Giderken Şile yolundaki senelerdir bitemeyen yol çalışması yüzünden oldukça zorlu anlar yaşadık fakat yeşil renk bizi kucakladığında unuttuk çileli yolları. Kabakoz'a vardığımızda doğa kucakladı bizi.
Kabakoz'dan sonra Akçakese. Köy merkezinden sonra uzunca bir yokuş sonrası sahile varılıyor. 3 tane tesis var yanyana. Bir tanesi bir otel, bir tanesi bir camping ve muhtarlığın plajı Mahmutdere Plajı..Giriş arabalar için ( otopark parası) 15 TL, minibüsler için 30 TL. Tabii şanslı iseniz ve otoparkta yer bulabilirseniz. Biz bulamadık ve aracımızı köyün meydanında bir yere bıraktık ve plaja kadar yürümek zorunda kaldık. Zorlu bir yoldu. Plaja girerken para vermedik , 2 şezlong 1 şemsiye için 15 TL ödedik. Son şezlong ve şemsiyeleri biz kaptık şanslıydık. İstenirse çardak misali yerler yapmışlar oralar kiralanabiliyor 30 TL karşılığında. Mangal yapanlar bile vardı çardaklarda.

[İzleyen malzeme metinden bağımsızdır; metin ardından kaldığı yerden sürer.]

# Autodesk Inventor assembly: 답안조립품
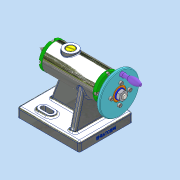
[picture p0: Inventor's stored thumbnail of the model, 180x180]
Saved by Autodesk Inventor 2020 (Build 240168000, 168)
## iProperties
Created: 2021-11
Part Number: 답안조립품
Document SubType Name: Assembly
Designer: user
Author: user
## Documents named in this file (18)
- C:\Users\user\Desktop\711112V1008 (1)\답안조립품.iam
- C:\Users\user\Desktop\711112V1008 (1)\나사.ipt
- C:\Users\user\Desktop\711112V1008 (1)\나사축.ipt
- C:\Users\user\Desktop\711112V1008 (1)\너트 M8.ipt
- C:\Users\user\Desktop\711112V1008 (1)\돌림판.ipt
- C:\Users\user\Desktop\711112V1008 (1)\멈춤나사 M3.ipt
- C:\Users\user\Desktop\711112V1008 (1)\본체.ipt
- C:\Users\user\Desktop\711112V1008 (1)\볼트 M3.ipt
- C:\Users\user\Desktop\711112V1008 (1)\부시.ipt
- C:\Users\user\Desktop\711112V1008 (1)\센터.ipt
- C:\Users\user\Desktop\711112V1008 (1)\센터홀더.ipt
- C:\Users\user\Desktop\711112V1008 (1)\슬리브.ipt
- C:\Users\user\Desktop\711112V1008 (1)\와셔.ipt
- C:\Users\user\Desktop\711112V1008 (1)\중공축.ipt
- C:\Users\user\Desktop\711112V1008 (1)\커버.ipt
- C:\Users\user\Desktop\711112V1008 (1)\키 4 x 4 x 10.ipt
- C:\Users\user\Desktop\711112V1008 (1)\플랜지.ipt
- C:\Users\user\Desktop\711112V1008 (1)\핸들.ipt
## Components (2 placed, 2 different names)
1. 플랜지:1
2. 핸들:1 — 플러쉬:4
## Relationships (1: Flush 1)
- 플러쉬:4 [Flush]: 핸들:1
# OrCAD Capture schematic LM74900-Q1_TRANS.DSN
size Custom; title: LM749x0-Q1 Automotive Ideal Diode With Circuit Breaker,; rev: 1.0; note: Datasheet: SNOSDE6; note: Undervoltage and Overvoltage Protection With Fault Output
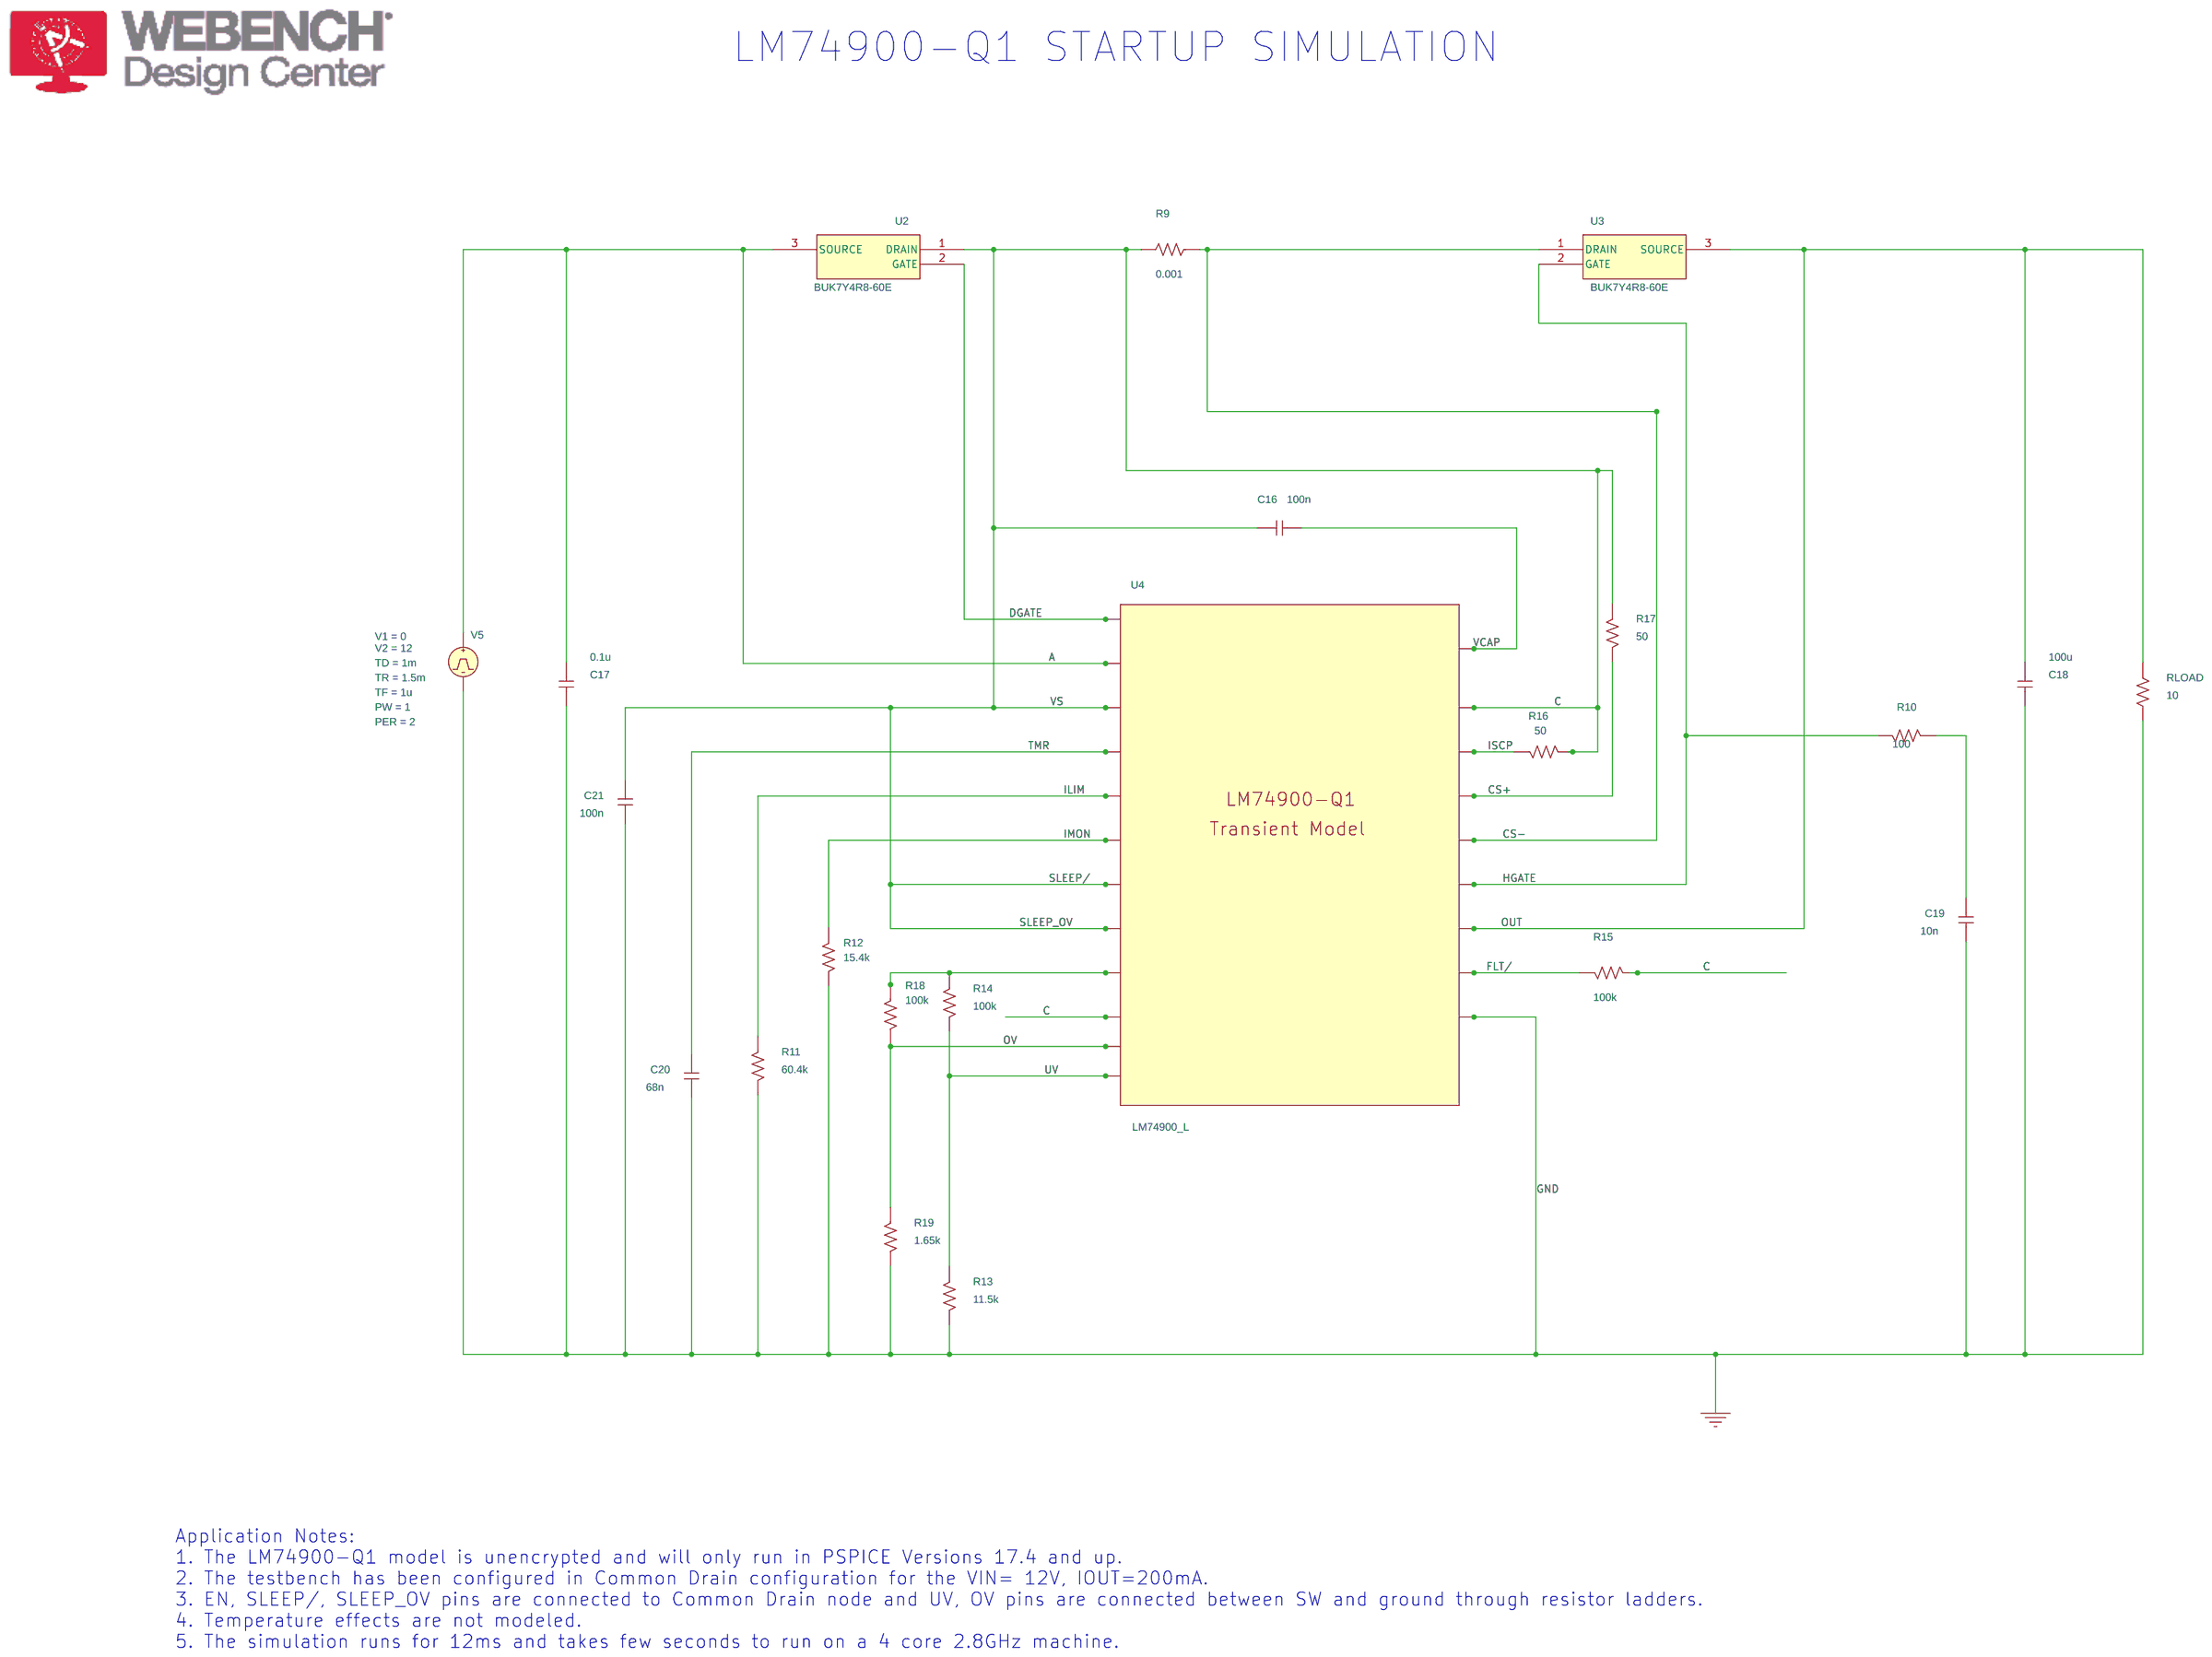
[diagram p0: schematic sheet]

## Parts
C16  100n  [RAD/CK05]
C17  0.1u  [RAD/CK05]
C18  100u  [RAD/CK05]
C19  10n  [RAD/CK05]
C20  68n  [RAD/CK05]
C21  100n  [RAD/CK05]
R9  0.001  [AX/RC05]
R10  100  [AX/RC05]
R11  60.4k  [AX/RC05]
R12  15.4k  [AX/RC05]
R13  11.5k  [AX/RC05]
R14  100k  [AX/RC05]
R15  100k  [AX/RC05]
R16  50  [AX/RC05]
R17  50  [AX/RC05]
R18  100k  [AX/RC05]
R19  1.65k  [AX/RC05]
RLOAD  10  [AX/RC05]
U2  BUK7Y4R8-60E
U3  BUK7Y4R8-60E
U4  LM74900_L
V5  VPULSE

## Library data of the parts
C16-C21 = C
R9-R19 RLOAD = R
U2 U3 = BUK7Y4R8-60E
U4 = LM74900_L_0
V5 = VPULSE: PER: 2; PW: 1; TD: 1m; TF: 1u; TR: 1.5m; V1: 0; V2: 12

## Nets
0: C17.2 C18.2 C19.1 C20.1 C21.1 R11.2 R12.2 R13.2 R19.2 RLOAD.2 U4.GND V5.2(-)
A: C17.1 U2.3(SOURCE) U4.A V5.1(+)
C: C16.1 C21.2 R9.2 R15.2 R16.2 R17.1 U2.1(DRAIN) U4.C U4.EN U4.SLEEP/ U4.SLEEP_OV U4.VS
CS+: R17.2 U4.CS+
CS-: R9.1 U3.1(DRAIN) U4.CS-
DGATE: U2.2(GATE) U4.DGATE
FLT/: R15.1 U4.FLT/
HGATE: R10.2 U3.2(GATE) U4.HGATE
ILIM: R11.1 U4.ILIM
IMON: R12.1 U4.IMON
ISCP: R16.1 U4.ISCP
OUT: C18.1 RLOAD.1 U3.3(SOURCE) U4.OUT
OV: R18.2 R19.1 U4.OV
TMR: C20.2 U4.TMR
UV: R13.1 R14.2 U4.UV
VCAP: C16.2 U4.VCAP
N16779081: C19.2 R10.1
N16794357: R14.1 R18.1 U4.SW

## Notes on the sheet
- LM74900-Q1 STARTUP SIMULATION
- Application Notes:
  1. The LM74900-Q1 model is unencrypted and will only run in PSPICE Versions 17.4 and up.
  2. The testbench has been configured in Common Drain configuration for the VIN= 12V, IOUT=200mA.
  3. EN, SLEEP/, SLEEP_OV pins are connected to Common Drain node and UV, OV pins are connected between SW and ground through resistor ladders.
  4. Temperature effects are not modeled.
  5. The simulation runs for 12ms and takes few seconds to run on a 4 core 2.8GHz machine.

Lüks yada çok konfor bekleyenler için pek uygun bir yer değil. Haftasonları oldukça kalabalık ama kimse kimseyi rahatsız etmiyor.Tek dezavantajı kalabalık yüzünden şezlong ve şemsiye bulmakla ilgili yaşanan zorluklar. Dolayısı ile erken gitmekte hatta pazar yerine cumartesi gitmekte fayda var. Hatta hatta fırsat var ise hafta içi keyfine doyum olmaz gibi duruyor. :) Ya da arabanın arkasına bir şemsiye atıp, havlunuzu da mis gibi kuma serip plajın keyfini çıkartmak da bir yol olabilir. Edindiğim bir bilgiye göre Maden Tetkik tarafından yapılan incelemelerde bu sahilin kumunda altın tozlarına rastlanmış.
Biz yanımızda yiyeceklerimizi götürdük ama gitmişken fiyatlara bir göz attım. Gayet makul. Köftenin porsiyonu 7 TL, büyük bardakta çay 1,5 TL, büyük kupada neskafe 2,5 TL, su 1 TL, sahile servis yok. Tuvaletler ücretsiz ve şaşırtıcı derecede temiz. Deniz sonrası duş almak isterseniz yarı kapatılmış bir alanda 1 TL karşılığında bu hizmeti veriyorlar.
Plaj yumuşacık altın gibi kum Deniz berrak ve kumluk
Karadenizin aksine yumuşak bir denizi var. Dalgaları hiç hırçın değil.
Çocuklar için ideal , sığ , az dalgalı ve kum...Kayalar, orman, altın rengi bir kumsal, berrak bir su.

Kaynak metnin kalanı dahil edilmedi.